## Work order:
The answer must consist only of the lines from the line with "# Drawn here: x" to the line with "for name, color, linetype", both included, exactly as they stand below.

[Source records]
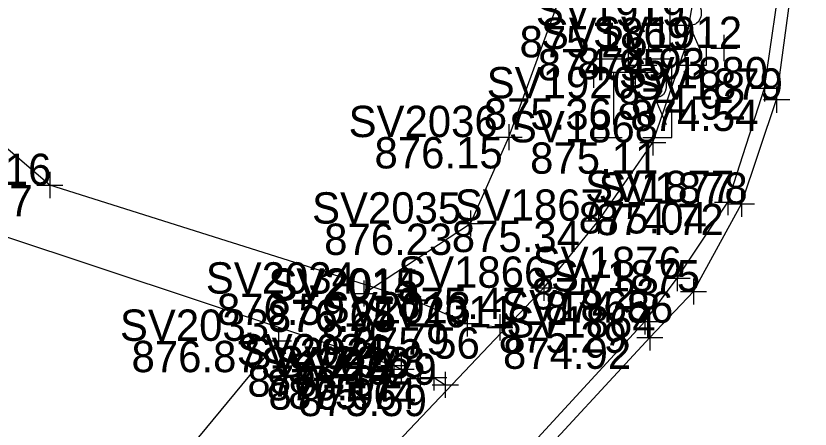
# Model space of a CAD drawing. Extents: x 1480001 to 1480402, y 379235 to 379603.
# Drawn here: x 1480114.39 to 1480144.8, y 379390.17 to 379405.99 of the extents above; entities that cross this region are included whole.
import ezdxf

# ---------------------------------------------------------------- set-up
doc = ezdxf.new("R2010")
doc.units = 0
for name, color, linetype in [('PV_X_Curb', 7, 'Continuous'), ('PV_X_Walk', 7, 'Continuous'), ('SG_X_PullBox', 7, 'Continuous'), ('SV_X_Break_Lines', 7, 'Continuous'), ('SV_X_Shot_Marker', 7, 'Continuous'), ('SV_X_Text_Elevation', 7, 'Continuous'), ('SV_X_Text_Name', 7, 'Continuous')]:
    doc.layers.add(name, color=color, linetype=linetype)

msp = doc.modelspace()

# ---------------------------------------------------------------- linework, layer by layer
at = {"layer": 'PV_X_Curb'}
for points in [[(1480097.622, 379349.287), (1480115.163, 379368.135), (1480120.989, 379374.507), (1480122.913, 379376.573), (1480123.248, 379376.579), (1480124.233, 379378.045), (1480138.666, 379393.676), (1480140.342, 379395.44), (1480142.173, 379398.797), (1480143.522, 379402.786), (1480144.219, 379407.995), (1480144.4, 379409.609), (1480144.536, 379411.589), (1480144.804, 379414.142), (1480144.365, 379416.981), (1480143.824, 379419.476), (1480142.93, 379422.24), (1480141.664, 379424.24), (1480139.564, 379427.9), (1480137.133, 379430.292), (1480135.19, 379432.332), (1480118.45, 379448.16)], [(1480097.272, 379349.731), (1480114.906, 379368.678), (1480120.582, 379374.885), (1480122.682, 379377.153), (1480124.005, 379378.548), (1480138.475, 379394.29), (1480139.717, 379395.951), (1480141.648, 379398.861), (1480143.063, 379403.22), (1480143.762, 379408.065), (1480143.873, 379409.698), (1480144.124, 379411.499), (1480144.338, 379414.245), (1480144.085, 379416.674), (1480143.405, 379419.529), (1480142.307, 379421.83), (1480141.33, 379424.009), (1480139.247, 379427.506), (1480136.787, 379429.98), (1480135, 379431.897), (1480118.039, 379447.914)]]:
    msp.add_lwpolyline(points, dxfattribs=at)
at = {"layer": 'PV_X_Walk'}
for points in [[(1480035.484, 379289.224), (1480050.568, 379305.437), (1480062.335, 379317.896), (1480064.038, 379319.719), (1480070.805, 379327.066), (1480078.054, 379334.946), (1480079.953, 379336.866), (1480094.208, 379352.393), (1480112.048, 379371.575), (1480117.348, 379377.211), (1480119.911, 379379.906), (1480121.511, 379381.77), (1480134.604, 379395.58), (1480136.695, 379398.148), (1480138.778, 379401.149), (1480140.004, 379404.725), (1480140.577, 379408.06), (1480140.982, 379411.311), (1480140.871, 379414.584), (1480140.225, 379417.636), (1480139.184, 379419.586), (1480133.124, 379425.845), (1480132.903, 379425.968), (1480114.834, 379442.96)], [(1480132.927, 379394.064), (1480131.678, 379394.217), (1480129.623, 379395.124), (1480129.685, 379395.088), (1480115.69, 379399.516), (1480110.694, 379403.782)], [(1480103.907, 379387.432), (1480113.836, 379397.599), (1480128.867, 379392.608), (1480129.145, 379392.467), (1480129.878, 379392.11), (1480130.393, 379392.142), (1480130.835, 379391.865)]]:
    msp.add_lwpolyline(points, dxfattribs=at)
at = {"layer": 'SG_X_PullBox'}
for p, q in [((1480139.337, 379405.608), (1480139.337, 379405.608)), ((1480138.004, 379402.836), (1480138.004, 379402.836))]:
    msp.add_line(p, q, dxfattribs=at)
for points in [[(1480138.611, 379406.608), (1480138.611, 379404.608)], [(1480139.449, 379404.608), (1480139.449, 379406.608), (1480140.205, 379406.608), (1480140.283, 379406.592), (1480140.394, 379406.56), (1480140.441, 379406.529), (1480140.488, 379406.497), (1480140.551, 379406.419), (1480140.598, 379406.34), (1480140.63, 379406.214), (1480140.63, 379406.025), (1480140.614, 379405.962), (1480140.583, 379405.868), (1480140.52, 379405.757), (1480140.457, 379405.71), (1480140.409, 379405.679), (1480140.378, 379405.663), (1480140.331, 379405.647), (1480140.189, 379405.631), (1480139.449, 379405.631)], [(1480140.189, 379405.631), (1480140.63, 379404.608)], [(1480137.837, 379405.208), (1480137.837, 379404.108), (1480138.937, 379404.108)], [(1480139.737, 379404.108), (1480140.837, 379404.108), (1480140.837, 379405.208)], [(1480137.604, 379404.336), (1480136.504, 379404.336), (1480136.504, 379403.236)], [(1480139.504, 379403.236), (1480139.504, 379404.336), (1480138.404, 379404.336)], [(1480136.648, 379403.836), (1480137.892, 379403.836)], [(1480137.278, 379403.836), (1480137.278, 379401.836)], [(1480138.116, 379401.836), (1480138.116, 379403.836), (1480138.872, 379403.836), (1480138.95, 379403.82), (1480139.061, 379403.789), (1480139.108, 379403.757), (1480139.155, 379403.726), (1480139.218, 379403.647), (1480139.265, 379403.568), (1480139.297, 379403.442), (1480139.297, 379403.253), (1480139.281, 379403.19), (1480139.25, 379403.096), (1480139.187, 379402.985), (1480139.124, 379402.938), (1480139.076, 379402.907), (1480139.045, 379402.891), (1480138.998, 379402.875), (1480138.856, 379402.859), (1480138.116, 379402.859)], [(1480138.856, 379402.859), (1480139.297, 379401.836)], [(1480136.504, 379402.436), (1480136.504, 379401.336), (1480137.604, 379401.336)], [(1480138.404, 379401.336), (1480139.504, 379401.336), (1480139.504, 379402.436)]]:
    msp.add_lwpolyline(points, dxfattribs=at)
at = {"layer": 'SV_X_Break_Lines'}
for points in [[(1480127.721, 379395.358), (1480131.799, 379398.039), (1480133.273, 379401.352), (1480135.459, 379407.36), (1480135.6, 379409.555), (1480135.793, 379413.076), (1480135.014, 379415.657), (1480133.026, 379417.684), (1480123.803, 379426.624), (1480113.121, 379435.343), (1480106.984, 379440.926), (1480103.73, 379443.918), (1480102.529, 379445.074), (1480100.774, 379445.951), (1480096.595, 379444.059), (1480092.174, 379441.029), (1480086.377, 379436.591)], [(1480102.555, 379367.391), (1480110.126, 379376.156), (1480117.553, 379385.207), (1480124.442, 379393.548)]]:
    msp.add_lwpolyline(points, dxfattribs=at)
at = {"layer": 'SV_X_Shot_Marker'}
for p, q in [((1480140.004, 379405.225), (1480140.004, 379404.225)), ((1480141.506, 379405.264), (1480141.506, 379404.264)), ((1480139.504, 379404.725), (1480140.504, 379404.725)), ((1480140.004, 379404.725), (1480140.004, 379404.725)), ((1480141.006, 379404.764), (1480142.006, 379404.764)), ((1480141.506, 379404.764), (1480141.506, 379404.764)), ((1480143.063, 379403.72), (1480143.063, 379402.72)), ((1480142.563, 379403.22), (1480143.563, 379403.22)), ((1480143.063, 379403.22), (1480143.063, 379403.22)), ((1480143.522, 379403.286), (1480143.522, 379402.286)), ((1480143.022, 379402.786), (1480144.022, 379402.786)), ((1480143.522, 379402.786), (1480143.522, 379402.786)), ((1480133.273, 379401.852), (1480133.273, 379400.852)), ((1480138.778, 379401.649), (1480138.778, 379400.649)), ((1480132.773, 379401.352), (1480133.773, 379401.352)), ((1480133.273, 379401.352), (1480133.273, 379401.352)), ((1480138.278, 379401.149), (1480139.278, 379401.149)), ((1480138.778, 379401.149), (1480138.778, 379401.149)), ((1480115.69, 379400.016), (1480115.69, 379399.016)), ((1480115.19, 379399.516), (1480116.19, 379399.516)), ((1480115.69, 379399.516), (1480115.69, 379399.516)), ((1480141.648, 379399.361), (1480141.648, 379398.361)), ((1480142.173, 379399.297), (1480142.173, 379398.297)), ((1480141.148, 379398.861), (1480142.148, 379398.861)), ((1480141.648, 379398.861), (1480141.648, 379398.861)), ((1480131.799, 379398.539), (1480131.799, 379397.539)), ((1480136.695, 379398.648), (1480136.695, 379397.648)), ((1480141.673, 379398.797), (1480142.673, 379398.797)), ((1480142.173, 379398.797), (1480142.173, 379398.797)), ((1480131.299, 379398.039), (1480132.299, 379398.039)), ((1480131.799, 379398.039), (1480131.799, 379398.039)), ((1480136.195, 379398.148), (1480137.195, 379398.148)), ((1480136.695, 379398.148), (1480136.695, 379398.148)), ((1480139.717, 379396.451), (1480139.717, 379395.451)), ((1480134.604, 379396.08), (1480134.604, 379395.08)), ((1480127.721, 379395.858), (1480127.721, 379394.858)), ((1480139.217, 379395.951), (1480140.217, 379395.951)), ((1480139.717, 379395.951), (1480139.717, 379395.951)), ((1480140.342, 379395.94), (1480140.342, 379394.94)), ((1480129.623, 379395.624), (1480129.623, 379394.624)), ((1480129.685, 379395.588), (1480129.685, 379394.588)), ((1480134.104, 379395.58), (1480135.104, 379395.58)), ((1480134.604, 379395.58), (1480134.604, 379395.58)), ((1480127.221, 379395.358), (1480128.221, 379395.358)), ((1480127.721, 379395.358), (1480127.721, 379395.358)), ((1480139.842, 379395.44), (1480140.842, 379395.44)), ((1480140.342, 379395.44), (1480140.342, 379395.44)), ((1480129.123, 379395.124), (1480130.123, 379395.124)), ((1480129.185, 379395.088), (1480130.185, 379395.088)), ((1480129.623, 379395.124), (1480129.623, 379395.124)), ((1480129.685, 379395.088), (1480129.685, 379395.088)), ((1480131.678, 379394.717), (1480131.678, 379393.717)), ((1480132.927, 379394.564), (1480132.927, 379393.564)), ((1480138.475, 379394.79), (1480138.475, 379393.79)), ((1480137.975, 379394.29), (1480138.975, 379394.29)), ((1480138.475, 379394.29), (1480138.475, 379394.29)), ((1480124.442, 379394.048), (1480124.442, 379393.048)), ((1480131.178, 379394.217), (1480132.178, 379394.217)), ((1480131.678, 379394.217), (1480131.678, 379394.217)), ((1480132.427, 379394.064), (1480133.427, 379394.064)), ((1480132.927, 379394.064), (1480132.927, 379394.064)), ((1480138.666, 379394.176), (1480138.666, 379393.176)), ((1480138.166, 379393.676), (1480139.166, 379393.676)), ((1480138.666, 379393.676), (1480138.666, 379393.676)), ((1480123.942, 379393.548), (1480124.942, 379393.548)), ((1480124.442, 379393.548), (1480124.442, 379393.548)), ((1480128.867, 379393.108), (1480128.867, 379392.108)), ((1480129.145, 379392.967), (1480129.145, 379391.967)), ((1480128.367, 379392.608), (1480129.367, 379392.608)), ((1480128.645, 379392.467), (1480129.645, 379392.467)), ((1480128.867, 379392.608), (1480128.867, 379392.608)), ((1480129.145, 379392.467), (1480129.145, 379392.467)), ((1480129.878, 379392.61), (1480129.878, 379391.61)), ((1480130.393, 379392.642), (1480130.393, 379391.642)), ((1480129.893, 379392.142), (1480130.893, 379392.142)), ((1480130.393, 379392.142), (1480130.393, 379392.142)), ((1480130.835, 379392.365), (1480130.835, 379391.365)), ((1480129.378, 379392.11), (1480130.378, 379392.11)), ((1480129.878, 379392.11), (1480129.878, 379392.11)), ((1480130.335, 379391.865), (1480131.335, 379391.865)), ((1480130.835, 379391.865), (1480130.835, 379391.865))]:
    msp.add_line(p, q, dxfattribs=at)

# ---------------------------------------------------------------- texts
at = {"layer": 'SV_X_Text_Elevation'}
for s, p in [('875.26', (1480133.678, 379404.408)), ('874.95', (1480134.373, 379403.525)), ('874.93', (1480135.875, 379403.564)), ('874.92', (1480137.441, 379402.02)), ('875.36', (1480132.307, 379401.636)), ('874.54', (1480137.919, 379401.586)), ('876.15', (1480128.124, 379400.152)), ('875.11', (1480134.082, 379399.949)), ('877.27', (1480110.125, 379398.316)), ('875.04', (1480135.941, 379397.661)), ('874.72', (1480136.589, 379397.597)), ('876.23', (1480126.196, 379396.839)), ('875.34', (1480131.083, 379396.948)), ('875.23', (1480134.133, 379394.751)), ('875.47', (1480128.992, 379394.38)), ('876.59', (1480122.09, 379394.158)), ('874.86', (1480134.654, 379394.24)), ('876.24', (1480124.03, 379393.924)), ('876.65', (1480124.044, 379393.888)), ('875.29', (1480132.882, 379393.09)), ('875.79', (1480126.085, 379393.017)), ('875.56', (1480127.249, 379392.864)), ('874.92', (1480133.044, 379392.476)), ('876.87', (1480118.82, 379392.348)), ('876.79', (1480123.255, 379391.408)), ('876.17', (1480123.996, 379391.267)), ('876.06', (1480124.067, 379390.91)), ('875.74', (1480124.819, 379390.942)), ('875.59', (1480125.223, 379390.665))]:
    msp.add_text(s, height=1.2, dxfattribs=at).set_placement(p)
at = {"layer": 'SV_X_Text_Name'}
for s, p in [('SV1919', (1480134.302, 379405.608)), ('SV1869', (1480134.496, 379404.725)), ('SV1912', (1480136.49, 379404.764)), ('SV1880', (1480137.48, 379403.22)), ('SV1920', (1480132.421, 379402.836)), ('SV1879', (1480138.052, 379402.786)), ('SV2036', (1480127.132, 379401.352)), ('SV1868', (1480133.27, 379401.149)), ('SV2016', (1480110.041, 379399.516)), ('SV1877', (1480136.188, 379398.861)), ('SV1878', (1480136.703, 379398.797)), ('SV2035', (1480125.733, 379398.039)), ('SV1867', (1480131.197, 379398.148)), ('SV1876', (1480134.181, 379395.951)), ('SV1866', (1480129.03, 379395.58)), ('SV2034', (1480121.665, 379395.358)), ('SV1875', (1480134.882, 379395.44)), ('SV2014', (1480124.059, 379395.124)), ('SV2015', (1480124.111, 379395.088)), ('SV1865', (1480132.977, 379394.29)), ('SV2013', (1480126.104, 379394.217)), ('SV2011', (1480127.787, 379394.064)), ('SV1864', (1480133.177, 379393.676)), ('SV2033', (1480118.376, 379393.548)), ('SV2024', (1480122.849, 379392.608)), ('SV2025', (1480123.117, 379392.467)), ('SV2028', (1480124.356, 379392.142)), ('SV2026', (1480123.775, 379392.11)), ('SV2029', (1480124.798, 379391.865))]:
    msp.add_text(s, height=1.2, dxfattribs=at).set_placement(p)

doc.saveas('drawing.dxf')

## Result of this task:
# Drawn here: x 1480114.39 to 1480144.8, y 379390.17 to 379405.99 of the extents above; entities that cross this region are included whole.
import ezdxf

# ---------------------------------------------------------------- set-up
doc = ezdxf.new("R2010")
doc.units = 0
for name, color, linetype in [('PV_X_Curb', 7, 'Continuous'), ('PV_X_Walk', 7, 'Continuous'), ('SG_X_PullBox', 7, 'Continuous'), ('SV_X_Break_Lines', 7, 'Continuous'), ('SV_X_Shot_Marker', 7, 'Continuous'), ('SV_X_Text_Elevation', 7, 'Continuous'), ('SV_X_Text_Name', 7, 'Continuous')]:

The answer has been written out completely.